In the network arrangement shown in Fig. 6, if a catastrophic failure such as a power
outage, for example, should occur in hub 208, which renders it unable to transport network
requests from monitoring device 200 to monitored devices 202, 204 and router 206, for example,
all requests to these devices will fail. In addition, all requests to all devices on the other side of
router 206 (e.g., hub 210, and monitored devices 212-216) will also fail. Monitoring device 200
will see this as a lack of availability of all devices on the network, and report all devices as
having failed. Ideally, however, monitoring device 200 would be able to quickly identify and
report hub 208 as a failed device and report the other devices on the network as unavailable. In
another example, if router 206 were to encounter a catastrophic failure instead of hub 208, all
requests to router 206, hub 210 and monitored devices 212-216 would fail.
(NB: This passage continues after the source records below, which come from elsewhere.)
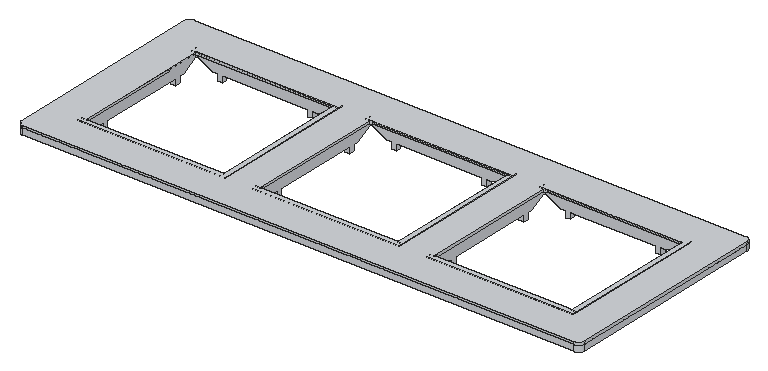
Revit family "Gira_0213235", category Electrical Fixtures, host Face, Revit 2017
Family settings
  Host = Face
  Maintain Annotation Orientation = No
  Round Connector Dimension = Use Diameter
  Part Type = Normal
  Cut with Voids When Loaded = No
  Shared = No
  Room Calculation Point = No
Parameters (values of type "Abdeckrahmen 3f flach Gira E2 Anthrazit")
  Werkstoffgüte = "Thermoplast"
  Werkstoff = "Kunststoff"
  URL = "http://katalog.gira.de/de_DE/datenblatt.html?artikelnr=0213235"
  Transparent = "No"
  Textfeld/Beschriftungsfläche = "No"
  Schutzart (IP) = "IP20"
  Region = "DE"
  Oberfläche = "sonstige"
  Name = "Abdeckrahmen 3f flach Gira E2 Anthrazit"
  Montagerichtung = "horizontal und vertikal"
  Mit Montagerahmen = "No"
  Mit Klappdeckel = "No"
  Manufacturer URL = "https://www.gira.de/"
  Keynote = "E2flach_Rahmen_3fach"
  HeinzeBIM = "https://bimportal.heinze.de/bim/abdeckrahmen-3f-flach-gira-e2-anthrazit/8eec6934cc418939a97d7435bad65fbf73b6c897"
  Halogenfrei = "Yes"
  HAN = "0213235"
  Geeignet für Unterputz-Installation = "Yes"
  Geeignet für Unterflurkanaldose = "No"
  Geeignet für Geräteeinbaukanal = "No"
  Geeignet für Einbauinstallation = "No"
  GTIN = "4010337021292"
  Farbe = "anthrazit"
  Default Elevation = 1219.2 mm
  Data sheet (1) = "https://katalog.gira.de/de_DE/download.html?artikelnr=0213235"
  Category = "Abdeckrahmen"
  Befestigungsart = "Klemmbefestigung"
  Available = "Yes"
  Anzahl der Einheiten vertikal = "3 "
  Anzahl der Einheiten horizontal = "3 "
  Anzahl der Einheiten = "3 "
Reference planes
  plane 1 "Center (Front/Back)": y = 0
  plane 2: z = 0
  plane 3 "Center (Left/Right)": x = 0
Forms (mm)
  Extrusion 1, solid, detail levels fine
    sketch origin (0, 0, 0) x (1, 0, 0) y (0, 1, 0)
      loop
        arc (-112.6, 43.9) -> (-114.368, 43.168) -> (-115.1, 41.4) r 2.5
        line (-115.1, 41.4) -> (-115.1, -41.4)
        arc (-115.1, -41.4) -> (-114.368, -43.168) -> (-112.6, -43.9) r 2.5
        line (-112.6, -43.9) -> (112.6, -43.9)
        arc (112.6, -43.9) -> (114.368, -43.168) -> (115.1, -41.4) r 2.5
        line (115.1, -41.4) -> (115.1, 41.4)
        arc (115.1, 41.4) -> (114.368, 43.168) -> (112.6, 43.9) r 2.5
        line (112.6, 43.9) -> (-112.6, 43.9)
      loop
        spline (-99.344, -27.245) -> (-99.336, -27.363) -> (-99.313, -27.478) -> (-99.275, -27.589) -> (-99.223, -27.695) -> (-99.158, -27.792) -> (-99.081, -27.881) -> (-98.992, -27.958) -> (-98.895, -28.023) -> (-98.789, -28.075) -> (-98.678, -28.113) -> (-98.563, -28.136) -> (-98.445, -28.144)
        line (-98.445, -28.144) -> (-43.955, -28.144)
        spline (-43.955, -28.144) -> (-43.837, -28.136) -> (-43.722, -28.113) -> (-43.611, -28.075) -> (-43.505, -28.023) -> (-43.408, -27.958) -> (-43.319, -27.881) -> (-43.242, -27.792) -> (-43.177, -27.695) -> (-43.125, -27.589) -> (-43.087, -27.478) -> (-43.064, -27.363) -> (-43.056, -27.245)
        line (-43.056, -27.245) -> (-43.056, 27.245)
        spline (-43.056, 27.245) -> (-43.064, 27.363) -> (-43.087, 27.478) -> (-43.125, 27.589) -> (-43.177, 27.695) -> (-43.242, 27.792) -> (-43.319, 27.881) -> (-43.408, 27.958) -> (-43.505, 28.023) -> (-43.611, 28.075) -> (-43.722, 28.113) -> (-43.837, 28.136) -> (-43.955, 28.144)
        line (-43.955, 28.144) -> (-98.445, 28.144)
        spline (-98.445, 28.144) -> (-98.563, 28.136) -> (-98.678, 28.113) -> (-98.789, 28.075) -> (-98.895, 28.023) -> (-98.992, 27.958) -> (-99.081, 27.881) -> (-99.158, 27.792) -> (-99.223, 27.695) -> (-99.275, 27.589) -> (-99.313, 27.478) -> (-99.336, 27.363) -> (-99.344, 27.245)
        line (-99.344, 27.245) -> (-99.344, -27.245)
      loop
        spline (98.445, -28.144) -> (98.563, -28.136) -> (98.678, -28.113) -> (98.789, -28.075) -> (98.895, -28.023) -> (98.992, -27.958) -> (99.081, -27.881) -> (99.158, -27.792) -> (99.223, -27.695) -> (99.275, -27.589) -> (99.313, -27.478) -> (99.336, -27.363) -> (99.344, -27.245)
        line (99.344, -27.245) -> (99.344, 27.245)
        spline (99.344, 27.245) -> (99.336, 27.363) -> (99.313, 27.478) -> (99.275, 27.589) -> (99.223, 27.695) -> (99.158, 27.792) -> (99.081, 27.881) -> (98.992, 27.958) -> (98.895, 28.023) -> (98.789, 28.075) -> (98.678, 28.113) -> (98.563, 28.136) -> (98.445, 28.144)
        line (98.445, 28.144) -> (43.955, 28.144)
        spline (43.955, 28.144) -> (43.837, 28.136) -> (43.722, 28.113) -> (43.611, 28.075) -> (43.505, 28.023) -> (43.408, 27.958) -> (43.319, 27.881) -> (43.242, 27.792) -> (43.177, 27.695) -> (43.125, 27.589) -> (43.087, 27.478) -> (43.064, 27.363) -> (43.056, 27.245)
        line (43.056, 27.245) -> (43.056, -27.245)
        spline (43.056, -27.245) -> (43.064, -27.363) -> (43.087, -27.478) -> (43.125, -27.589) -> (43.177, -27.695) -> (43.242, -27.792) -> (43.319, -27.881) -> (43.408, -27.958) -> (43.505, -28.023) -> (43.611, -28.075) -> (43.722, -28.113) -> (43.837, -28.136) -> (43.955, -28.144)
        line (43.955, -28.144) -> (98.445, -28.144)
      loop
        spline (-28.144, -27.245) -> (-28.136, -27.363) -> (-28.113, -27.478) -> (-28.075, -27.589) -> (-28.023, -27.695) -> (-27.958, -27.792) -> (-27.881, -27.881) -> (-27.792, -27.958) -> (-27.695, -28.023) -> (-27.589, -28.075) -> (-27.478, -28.113) -> (-27.363, -28.136) -> (-27.245, -28.144)
        line (-27.245, -28.144) -> (27.245, -28.144)
        spline (27.245, -28.144) -> (27.363, -28.136) -> (27.478, -28.113) -> (27.589, -28.075) -> (27.695, -28.023) -> (27.792, -27.958) -> (27.881, -27.881) -> (27.958, -27.792) -> (28.023, -27.695) -> (28.075, -27.589) -> (28.113, -27.478) -> (28.136, -27.363) -> (28.144, -27.245)
        line (28.144, -27.245) -> (28.144, 27.245)
        spline (28.144, 27.245) -> (28.136, 27.363) -> (28.113, 27.478) -> (28.075, 27.589) -> (28.023, 27.695) -> (27.958, 27.792) -> (27.881, 27.881) -> (27.792, 27.958) -> (27.695, 28.023) -> (27.589, 28.075) -> (27.478, 28.113) -> (27.363, 28.136) -> (27.245, 28.144)
        line (27.245, 28.144) -> (-27.245, 28.144)
        spline (-27.245, 28.144) -> (-27.363, 28.136) -> (-27.478, 28.113) -> (-27.589, 28.075) -> (-27.695, 28.023) -> (-27.792, 27.958) -> (-27.881, 27.881) -> (-27.958, 27.792) -> (-28.023, 27.695) -> (-28.075, 27.589) -> (-28.113, 27.478) -> (-28.136, 27.363) -> (-28.144, 27.245)
        line (-28.144, 27.245) -> (-28.144, -27.245)
    from 2.5 to 3.4
  Extrusion 2, solid, detail levels fine
    sketch origin (0, 0, 0) x (1, 0, 0) y (0, 1, 0)
      loop
        arc (-112.6, 43.9) -> (-114.368, 43.168) -> (-115.1, 41.4) r 2.5
        line (-115.1, 41.4) -> (-115.1, -41.4)
        arc (-115.1, -41.4) -> (-114.368, -43.168) -> (-112.6, -43.9) r 2.5
        line (-112.6, -43.9) -> (112.6, -43.9)
        arc (112.6, -43.9) -> (114.368, -43.168) -> (115.1, -41.4) r 2.5
        line (115.1, -41.4) -> (115.1, 41.4)
        arc (115.1, 41.4) -> (114.368, 43.168) -> (112.6, 43.9) r 2.5
        line (112.6, 43.9) -> (-112.6, 43.9)
      loop
        arc (-112.6, 43.4) -> (-114.014, 42.814) -> (-114.6, 41.4) r 2
        line (-114.6, 41.4) -> (-114.6, -41.4)
        arc (-114.6, -41.4) -> (-114.014, -42.814) -> (-112.6, -43.4) r 2
        line (-112.6, -43.4) -> (112.6, -43.4)
        arc (112.6, -43.4) -> (114.014, -42.814) -> (114.6, -41.4) r 2
        line (114.6, -41.4) -> (114.6, 41.4)
        arc (114.6, 41.4) -> (114.014, 42.814) -> (112.6, 43.4) r 2
        line (112.6, 43.4) -> (-112.6, 43.4)
    from 0 to 2.5
  Extrusion 3, solid, detail levels fine
    sketch origin (-71.2, 0, 0) x (1, 0, 0) y (0, 0, 1)
      loop
        line (-17.5, -4.06) -> (-17.5, -1.56) -> (17.5, -1.56) -> (17.5, -4.06) -> (19.5, -4.06) -> (19.5, -1.56) -> (21.654, -1.56) -> (27.214, 1.65) -> (30, 1.65) -> (30, 3.4) -> (-30, 3.4) -> (-30, 1.65) -> (-27.214, 1.65) -> (-21.654, -1.56) -> (-19.5, -1.56) -> (-19.5, -4.06) -> (-17.5, -4.06)
    from 28.144 to 30
  Extrusion 4, solid, detail levels fine
    sketch origin (-71.2, 0, 0) x (0, -1, 0) y (0, 0, -1)
      loop
        line (-17.5, 4.06) -> (-19.5, 4.06) -> (-19.5, 1.56) -> (-21.654, 1.56) -> (-27.214, -1.65) -> (-28.144, -1.65) -> (-28.144, -3.4) -> (28.144, -3.4) -> (28.144, -1.65) -> (27.214, -1.65) -> (21.654, 1.56) -> (19.5, 1.56) -> (19.5, 4.06) -> (17.5, 4.06) -> (17.5, 1.56) -> (-17.5, 1.56) -> (-17.5, 4.06)
    from 28.144 to 30
  Extrusion 5, solid, detail levels medium
    sketch origin (-71.2, 0, 0) x (0, -1, 0) y (0, 0, 1)
      loop
        line (-17.5, -4.06) -> (-17.5, -1.56) -> (17.5, -1.56) -> (17.5, -4.06) -> (19.5, -4.06) -> (19.5, -1.56) -> (28.144, -1.56) -> (28.144, 3.4) -> (-28.144, 3.4) -> (-28.144, -1.56) -> (-19.5, -1.56) -> (-19.5, -4.06) -> (-17.5, -4.06)
    from 28.144 to 30
  Extrusion 6, solid, detail levels fine
    sketch origin (-71.2, 0, 0) x (1, 0, 0) y (0, 0, -1)
      loop
        line (-17.5, 4.06) -> (-19.5, 4.06) -> (-19.5, 1.56) -> (-21.654, 1.56) -> (-27.214, -1.65) -> (-30, -1.65) -> (-30, -3.4) -> (30, -3.4) -> (30, -1.65) -> (27.214, -1.65) -> (21.654, 1.56) -> (19.5, 1.56) -> (19.5, 4.06) -> (17.5, 4.06) -> (17.5, 1.56) -> (-17.5, 1.56) -> (-17.5, 4.06)
    from 28.144 to 30
  Extrusion 7, solid, detail levels coarse
    sketch origin (0, 0, 0) x (1, 0, 0) y (0, 1, 0)
      loop
        line (-115.1, 43.9) -> (-115.1, -43.9) -> (115.1, -43.9) -> (115.1, 43.9) -> (-115.1, 43.9)
    from -4.06 to 3.4
  Extrusion 8, solid, detail levels medium
    sketch origin (0, 0, 0) x (1, 0, 0) y (0, 1, 0)
      loop
        line (-115.1, 43.9) -> (-115.1, -43.9) -> (115.1, -43.9) -> (115.1, 43.9) -> (-115.1, 43.9)
    from 0 to 3.4
  Extrusion 9, solid, detail levels medium
    sketch origin (-71.2, 0, 0) x (1, 0, 0) y (0, 0, 1)
      loop
        line (-17.5, -4.06) -> (-17.5, -1.56) -> (17.5, -1.56) -> (17.5, -4.06) -> (19.5, -4.06) -> (19.5, -1.56) -> (30, -1.56) -> (30, 3.4) -> (-30, 3.4) -> (-30, -1.56) -> (-19.5, -1.56) -> (-19.5, -4.06) -> (-17.5, -4.06)
    from 28.144 to 30
  Extrusion 10, solid, detail levels medium
    sketch origin (-71.2, 0, 0) x (1, 0, 0) y (0, 0, -1)
      loop
        line (-17.5, 4.06) -> (-19.5, 4.06) -> (-19.5, 1.56) -> (-30, 1.56) -> (-30, -3.4) -> (30, -3.4) -> (30, 1.56) -> (19.5, 1.56) -> (19.5, 4.06) -> (17.5, 4.06) -> (17.5, 1.56) -> (-17.5, 1.56) -> (-17.5, 4.06)
    from 28.144 to 30
  Extrusion 11, solid, detail levels medium
    sketch origin (-71.2, 0, 0) x (0, -1, 0) y (0, 0, -1)
      loop
        line (-17.5, 4.06) -> (-19.5, 4.06) -> (-19.5, 1.56) -> (-28.144, 1.56) -> (-28.144, -3.4) -> (28.144, -3.4) -> (28.144, 1.56) -> (19.5, 1.56) -> (19.5, 4.06) -> (17.5, 4.06) -> (17.5, 1.56) -> (-17.5, 1.56) -> (-17.5, 4.06)
    from 28.144 to 30
  Extrusion 12, solid, detail levels fine
    sketch origin (71.2, 0, 0) x (-1, 0, 0) y (0, 0, -1)
      loop
        line (-17.5, 4.06) -> (-19.5, 4.06) -> (-19.5, 1.56) -> (-21.654, 1.56) -> (-27.214, -1.65) -> (-30, -1.65) -> (-30, -3.4) -> (30, -3.4) -> (30, -1.65) -> (27.214, -1.65) -> (21.654, 1.56) -> (19.5, 1.56) -> (19.5, 4.06) -> (17.5, 4.06) -> (17.5, 1.56) -> (-17.5, 1.56) -> (-17.5, 4.06)
    from 28.144 to 30
  Extrusion 13, solid, detail levels fine
    sketch origin (71.2, 0, 0) x (0, -1, 0) y (0, 0, 1)
      loop
        line (-17.5, -4.06) -> (-17.5, -1.56) -> (17.5, -1.56) -> (17.5, -4.06) -> (19.5, -4.06) -> (19.5, -1.56) -> (21.654, -1.56) -> (27.214, 1.65) -> (28.144, 1.65) -> (28.144, 3.4) -> (-28.144, 3.4) -> (-28.144, 1.65) -> (-27.214, 1.65) -> (-21.654, -1.56) -> (-19.5, -1.56) -> (-19.5, -4.06) -> (-17.5, -4.06)
    from 28.144 to 30
  Extrusion 14, solid, detail levels medium
    sketch origin (71.2, 0, 0) x (0, -1, 0) y (0, 0, -1)
      loop
        line (-17.5, 4.06) -> (-19.5, 4.06) -> (-19.5, 1.56) -> (-28.144, 1.56) -> (-28.144, -3.4) -> (28.144, -3.4) -> (28.144, 1.56) -> (19.5, 1.56) -> (19.5, 4.06) -> (17.5, 4.06) -> (17.5, 1.56) -> (-17.5, 1.56) -> (-17.5, 4.06)
    from 28.144 to 30
  Extrusion 15, solid, detail levels fine
    sketch origin (71.2, 0, 0) x (-1, 0, 0) y (0, 0, 1)
      loop
        line (-17.5, -4.06) -> (-17.5, -1.56) -> (17.5, -1.56) -> (17.5, -4.06) -> (19.5, -4.06) -> (19.5, -1.56) -> (21.654, -1.56) -> (27.214, 1.65) -> (30, 1.65) -> (30, 3.4) -> (-30, 3.4) -> (-30, 1.65) -> (-27.214, 1.65) -> (-21.654, -1.56) -> (-19.5, -1.56) -> (-19.5, -4.06) -> (-17.5, -4.06)
    from 28.144 to 30
  Extrusion 16, solid, detail levels medium
    sketch origin (71.2, 0, 0) x (-1, 0, 0) y (0, 0, -1)
      loop
        line (-17.5, 4.06) -> (-19.5, 4.06) -> (-19.5, 1.56) -> (-30, 1.56) -> (-30, -3.4) -> (30, -3.4) -> (30, 1.56) -> (19.5, 1.56) -> (19.5, 4.06) -> (17.5, 4.06) -> (17.5, 1.56) -> (-17.5, 1.56) -> (-17.5, 4.06)
    from 28.144 to 30
  Extrusion 17, solid, detail levels medium
    sketch origin (71.2, 0, 0) x (-1, 0, 0) y (0, 0, 1)
      loop
        line (-17.5, -4.06) -> (-17.5, -1.56) -> (17.5, -1.56) -> (17.5, -4.06) -> (19.5, -4.06) -> (19.5, -1.56) -> (30, -1.56) -> (30, 3.4) -> (-30, 3.4) -> (-30, -1.56) -> (-19.5, -1.56) -> (-19.5, -4.06) -> (-17.5, -4.06)
    from 28.144 to 30
  Extrusion 18, solid, detail levels medium
    sketch origin (71.2, 0, 0) x (0, -1, 0) y (0, 0, 1)
      loop
        line (-17.5, -4.06) -> (-17.5, -1.56) -> (17.5, -1.56) -> (17.5, -4.06) -> (19.5, -4.06) -> (19.5, -1.56) -> (28.144, -1.56) -> (28.144, 3.4) -> (-28.144, 3.4) -> (-28.144, -1.56) -> (-19.5, -1.56) -> (-19.5, -4.06) -> (-17.5, -4.06)
    from 28.144 to 30
  Extrusion 19, solid, detail levels fine
    sketch origin (-129.344, 0, 0) x (0, -1, 0) y (0, 0, -1)
      loop
        line (-17.5, 4.06) -> (-19.5, 4.06) -> (-19.5, 1.56) -> (-21.654, 1.56) -> (-27.214, -1.65) -> (-28.144, -1.65) -> (-28.144, -3.4) -> (28.144, -3.4) -> (28.144, -1.65) -> (27.214, -1.65) -> (21.654, 1.56) -> (19.5, 1.56) -> (19.5, 4.06) -> (17.5, 4.06) -> (17.5, 1.56) -> (-17.5, 1.56) -> (-17.5, 4.06)
    from 28.144 to 30
  Extrusion 20, solid, detail levels fine
    sketch origin (129.344, 0, 0) x (0, -1, 0) y (0, 0, 1)
      loop
        line (-17.5, -4.06) -> (-17.5, -1.56) -> (17.5, -1.56) -> (17.5, -4.06) -> (19.5, -4.06) -> (19.5, -1.56) -> (21.654, -1.56) -> (27.214, 1.65) -> (28.144, 1.65) -> (28.144, 3.4) -> (-28.144, 3.4) -> (-28.144, 1.65) -> (-27.214, 1.65) -> (-21.654, -1.56) -> (-19.5, -1.56) -> (-19.5, -4.06) -> (-17.5, -4.06)
    from 28.144 to 30
  Extrusion 21, solid, detail levels fine
    sketch origin (0, 0, 0) x (-1, 0, 0) y (0, 0, -1)
      loop
        line (-17.5, 4.06) -> (-19.5, 4.06) -> (-19.5, 1.56) -> (-21.654, 1.56) -> (-27.214, -1.65) -> (-30, -1.65) -> (-30, -3.4) -> (30, -3.4) -> (30, -1.65) -> (27.214, -1.65) -> (21.654, 1.56) -> (19.5, 1.56) -> (19.5, 4.06) -> (17.5, 4.06) -> (17.5, 1.56) -> (-17.5, 1.56) -> (-17.5, 4.06)
    from 28.144 to 30
  Extrusion 22, solid, detail levels fine
    sketch origin (0, 0, 0) x (0, -1, 0) y (0, 0, 1)
      loop
        line (-17.5, -4.06) -> (-17.5, -1.56) -> (17.5, -1.56) -> (17.5, -4.06) -> (19.5, -4.06) -> (19.5, -1.56) -> (21.654, -1.56) -> (27.214, 1.65) -> (28.144, 1.65) -> (28.144, 3.4) -> (-28.144, 3.4) -> (-28.144, 1.65) -> (-27.214, 1.65) -> (-21.654, -1.56) -> (-19.5, -1.56) -> (-19.5, -4.06) -> (-17.5, -4.06)
    from 28.144 to 30
  Extrusion 23, solid, detail levels medium
    sketch origin (0, 0, 0) x (0, -1, 0) y (0, 0, -1)
      loop
        line (-17.5, 4.06) -> (-19.5, 4.06) -> (-19.5, 1.56) -> (-28.144, 1.56) -> (-28.144, -3.4) -> (28.144, -3.4) -> (28.144, 1.56) -> (19.5, 1.56) -> (19.5, 4.06) -> (17.5, 4.06) -> (17.5, 1.56) -> (-17.5, 1.56) -> (-17.5, 4.06)
    from 28.144 to 30
  Extrusion 24, solid, detail levels fine
    sketch origin (0, 0, 0) x (-1, 0, 0) y (0, 0, 1)
      loop
        line (-17.5, -4.06) -> (-17.5, -1.56) -> (17.5, -1.56) -> (17.5, -4.06) -> (19.5, -4.06) -> (19.5, -1.56) -> (21.654, -1.56) -> (27.214, 1.65) -> (30, 1.65) -> (30, 3.4) -> (-30, 3.4) -> (-30, 1.65) -> (-27.214, 1.65) -> (-21.654, -1.56) -> (-19.5, -1.56) -> (-19.5, -4.06) -> (-17.5, -4.06)
    from 28.144 to 30
  Extrusion 25, solid, detail levels medium
    sketch origin (0, 0, 0) x (-1, 0, 0) y (0, 0, -1)
      loop
        line (-17.5, 4.06) -> (-19.5, 4.06) -> (-19.5, 1.56) -> (-30, 1.56) -> (-30, -3.4) -> (30, -3.4) -> (30, 1.56) -> (19.5, 1.56) -> (19.5, 4.06) -> (17.5, 4.06) -> (17.5, 1.56) -> (-17.5, 1.56) -> (-17.5, 4.06)
    from 28.144 to 30
  Extrusion 26, solid, detail levels medium
    sketch origin (0, 0, 0) x (-1, 0, 0) y (0, 0, 1)
      loop
        line (-17.5, -4.06) -> (-17.5, -1.56) -> (17.5, -1.56) -> (17.5, -4.06) -> (19.5, -4.06) -> (19.5, -1.56) -> (30, -1.56) -> (30, 3.4) -> (-30, 3.4) -> (-30, -1.56) -> (-19.5, -1.56) -> (-19.5, -4.06) -> (-17.5, -4.06)
    from 28.144 to 30
  Extrusion 27, solid, detail levels medium
    sketch origin (0, 0, 0) x (0, -1, 0) y (0, 0, 1)
      loop
        line (-17.5, -4.06) -> (-17.5, -1.56) -> (17.5, -1.56) -> (17.5, -4.06) -> (19.5, -4.06) -> (19.5, -1.56) -> (28.144, -1.56) -> (28.144, 3.4) -> (-28.144, 3.4) -> (-28.144, -1.56) -> (-19.5, -1.56) -> (-19.5, -4.06) -> (-17.5, -4.06)
    from 28.144 to 30
  Extrusion 28, solid, detail levels fine
    sketch origin (58.144, 0, 0) x (0, -1, 0) y (0, 0, 1)
      loop
        line (-17.5, -4.06) -> (-17.5, -1.56) -> (17.5, -1.56) -> (17.5, -4.06) -> (19.5, -4.06) -> (19.5, -1.56) -> (21.654, -1.56) -> (27.214, 1.65) -> (28.144, 1.65) -> (28.144, 3.4) -> (-28.144, 3.4) -> (-28.144, 1.65) -> (-27.214, 1.65) -> (-21.654, -1.56) -> (-19.5, -1.56) -> (-19.5, -4.06) -> (-17.5, -4.06)
    from 28.144 to 30
Dimensions and locks
  aligned and locked: plane 2 to host face
  aligned and locked: level to host face

Ideally monitoring
device 200 would be able to quickly identify and report router 206 as having failed and identify
and report hub 210 and any devices connected thereto (monitored devices 212-216) as
unavailable.
One possible method of identifying the failed device on the network may include
performing an analysis using an event correlation type system which attempts to identify the
specific failed component within the network after receiving and correlating failure messages
from multiple networked devices. However, it is often difficult to effectively and efficiently
achieve this result, requiring a considerable amount of time and processing.
SUMMARY
The present disclosure relates to a method and system for monitoring a network
including a plurality of components. The method and system comprises providing a monitoring
request to a component for monitoring the network for an apparent failure of the component on
the network, and immediately monitoring availability of a chain of components between a failed
component and a monitoring system to establish which component in the chain is causing the
apparent failure in subsequent components.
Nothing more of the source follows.